O Tanoeiro da Ribeira

quarta-feira, março 22, 2017


MEMÓRIAS FEITAS SAUDADE...


Falo dum amigo. E faço-o de olhos molhados porque sei que ele, visitador assíduo desta coluna, já não a vai ler… Aquando da sua morte, o jornal diocesano deu-lhe o merecido relevo. Muitos enalteceram as suas qualidades como pessoa, cidadão, presbítero, professor, intelectual: “homem de fé e de pensamento”. Destaco as palavras do diretor: ”A morte de Mons. Ângelo Alves ressoará certamente na memória de muitos dos seus alunos ”. Sou um deles. Fui seu aluno no Seminário da Sé. As agruras especulativas da Metafísica eram suavizadas pela disponibilidade do professor que nos acompanhava em tão elevados caminhos do pensamento. Senti-o, de modo especial, quando o então reitor, Dr. Brandão, me convidou a escrever um texto para o suplemento “Letras e Artes” do jornal Novidades em honra de S. Tomás de Aquino. Amedrontado, logo me dirigi ao quarto do Dr. Ângelo que me acalmou e se ofereceu para me apoiar. Escolhido o tema, eminentemente filosófico, “ Mudanças Substanciais e Hilemorfismo” (8/3/1959), emprestou-me vários livros que me ajudaram a penetrar na sua complexidade. Mais que mestre, fez-se companheiro. Voltei a pedir-lhe ajuda quando, já aluno da Universidade do Porto, quis apresentar um trabalho sobre “o idealismo criacionista de Leonardo Coimbra”. O mesmo apoio e o mesmo companheirismo.

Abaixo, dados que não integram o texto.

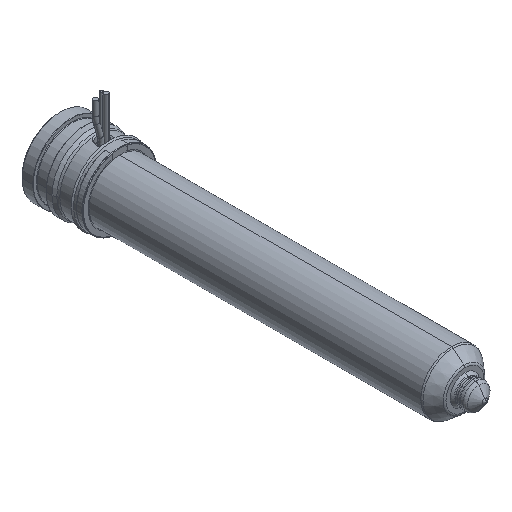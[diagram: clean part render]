
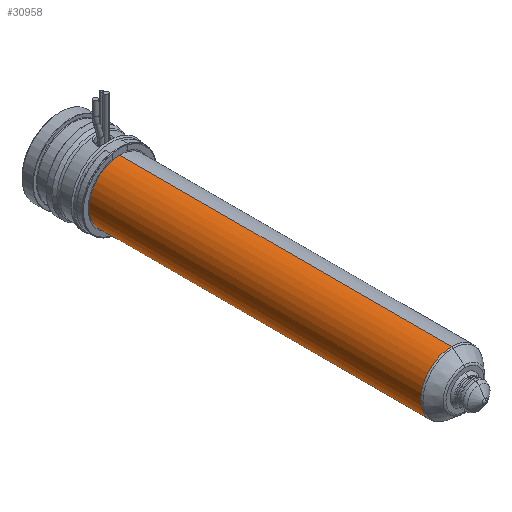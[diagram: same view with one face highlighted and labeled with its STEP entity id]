
A CAD part, isometric view. The second image highlights one B-rep face of the part: STEP entity #30958.
In plain terms, the highlighted cylindrical face has radius 12 mm (diameter 24 mm), a partial arc.
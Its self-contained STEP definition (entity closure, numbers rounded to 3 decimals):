
#30443=CARTESIAN_POINT('',(0.,-24.,0.));
#30444=DIRECTION('',(0.,1.,0.));
#30445=DIRECTION('',(0.,0.,-1.));
#30446=AXIS2_PLACEMENT_3D('',#30443,#30444,#30445);
#30451=DIRECTION('',(0.,1.,0.));
#30452=VECTOR('',#30451,129.736);
#30453=CARTESIAN_POINT('',(0.,-153.736,12.));
#30454=LINE('',#30453,#30452);
#30466=DIRECTION('',(0.,1.,0.));
#30467=VECTOR('',#30466,129.736);
#30468=CARTESIAN_POINT('',(0.,-153.736,-12.));
#30469=LINE('',#30468,#30467);
#30497=CARTESIAN_POINT('',(0.,-153.736,0.));
#30498=DIRECTION('',(0.,-1.,0.));
#30499=DIRECTION('',(0.,0.,1.));
#30500=AXIS2_PLACEMENT_3D('',#30497,#30498,#30499);
#30827=CARTESIAN_POINT('',(0.,-153.736,12.));
#30828=CARTESIAN_POINT('',(0.,-24.,12.));
#30829=VERTEX_POINT('',#30827);
#30830=VERTEX_POINT('',#30828);
#30831=CARTESIAN_POINT('',(0.,-153.736,-12.));
#30832=CARTESIAN_POINT('',(0.,-24.,-12.));
#30833=VERTEX_POINT('',#30831);
#30834=VERTEX_POINT('',#30832);
#30944=CARTESIAN_POINT('',(0.,-12.625,0.));
#30945=DIRECTION('',(0.,-1.,0.));
#30946=DIRECTION('',(0.,0.,1.));
#30947=AXIS2_PLACEMENT_3D('',#30944,#30945,#30946);
#30948=CYLINDRICAL_SURFACE('',#30947,12.);
#30950=ORIENTED_EDGE('',*,*,#30949,.F.);
#30952=ORIENTED_EDGE('',*,*,#30951,.T.);
#30954=ORIENTED_EDGE('',*,*,#30953,.T.);
#30955=ORIENTED_EDGE('',*,*,#30937,.T.);
#30956=EDGE_LOOP('',(#30950,#30952,#30954,#30955));
#30957=FACE_OUTER_BOUND('',#30956,.F.);
#30958=ADVANCED_FACE('',(#30957),#30948,.T.);
#30447=CIRCLE('',#30446,12.);
#30501=CIRCLE('',#30500,12.);
#30937=EDGE_CURVE('',#30834,#30830,#30447,.T.);
#30949=EDGE_CURVE('',#30829,#30830,#30454,.T.);
#30951=EDGE_CURVE('',#30829,#30833,#30501,.T.);
#30953=EDGE_CURVE('',#30833,#30834,#30469,.T.);

No verão de 1961, organizámos uma colónia de férias, em Albergaria da Serra, com crianças do bairro da Sé. O Dr. Ângelo acompanhou-nos nos primeiros dias, depois foi o Dr. Armindo. Nesse tempo, a aldeia, perdida na serra da Freita, não tinha acessos. A estrada parava junto do radar. Foi partir daí, por carreiros íngremes e pedregosos, que tivemos de transportar tudo o que era preciso para 27 pessoas: camas, roupas, panelas, pratos, talheres, víveres… Enfim…tudo, porque apenas dispúnhamos da escola primária com fogão para cozinhar e dum salão vazio para dormir. Tudo foi transportado por nós, pelas crianças e pelos amigos que nos acompanhavam. O Dr. Ângelo foi um deles. E com que simplicidade o fez. Parece que ainda o estou a ver a acarretar panelas e colchões… Coisa difícil de imaginar numa pessoa tão distinta e num intelectual do seu gabarito. Nessas andanças, um menino caiu e fraturou um braço. Um carro que nos tinha levado trouxe-o para o hospital de Arouca, acompanhado pelo Coelho que era da terra. Eu e o Dr. Ângelo lá ficámos a velar por 19 meninos e 4 meninas, na primeira noite que passavam fora de casa. Recordo o seu sorriso quando me viu ajoelhado junto duma cama a segurar a mão do mais novito que precisava de sentir a presença da mãe para adormecer… E tudo à luz do petromax…

Muito mais haveria para sublinhar a sua “grande simplicidade e humildade”…

Tenho ou não razões para ter os olhos humedecidos, caro leitor?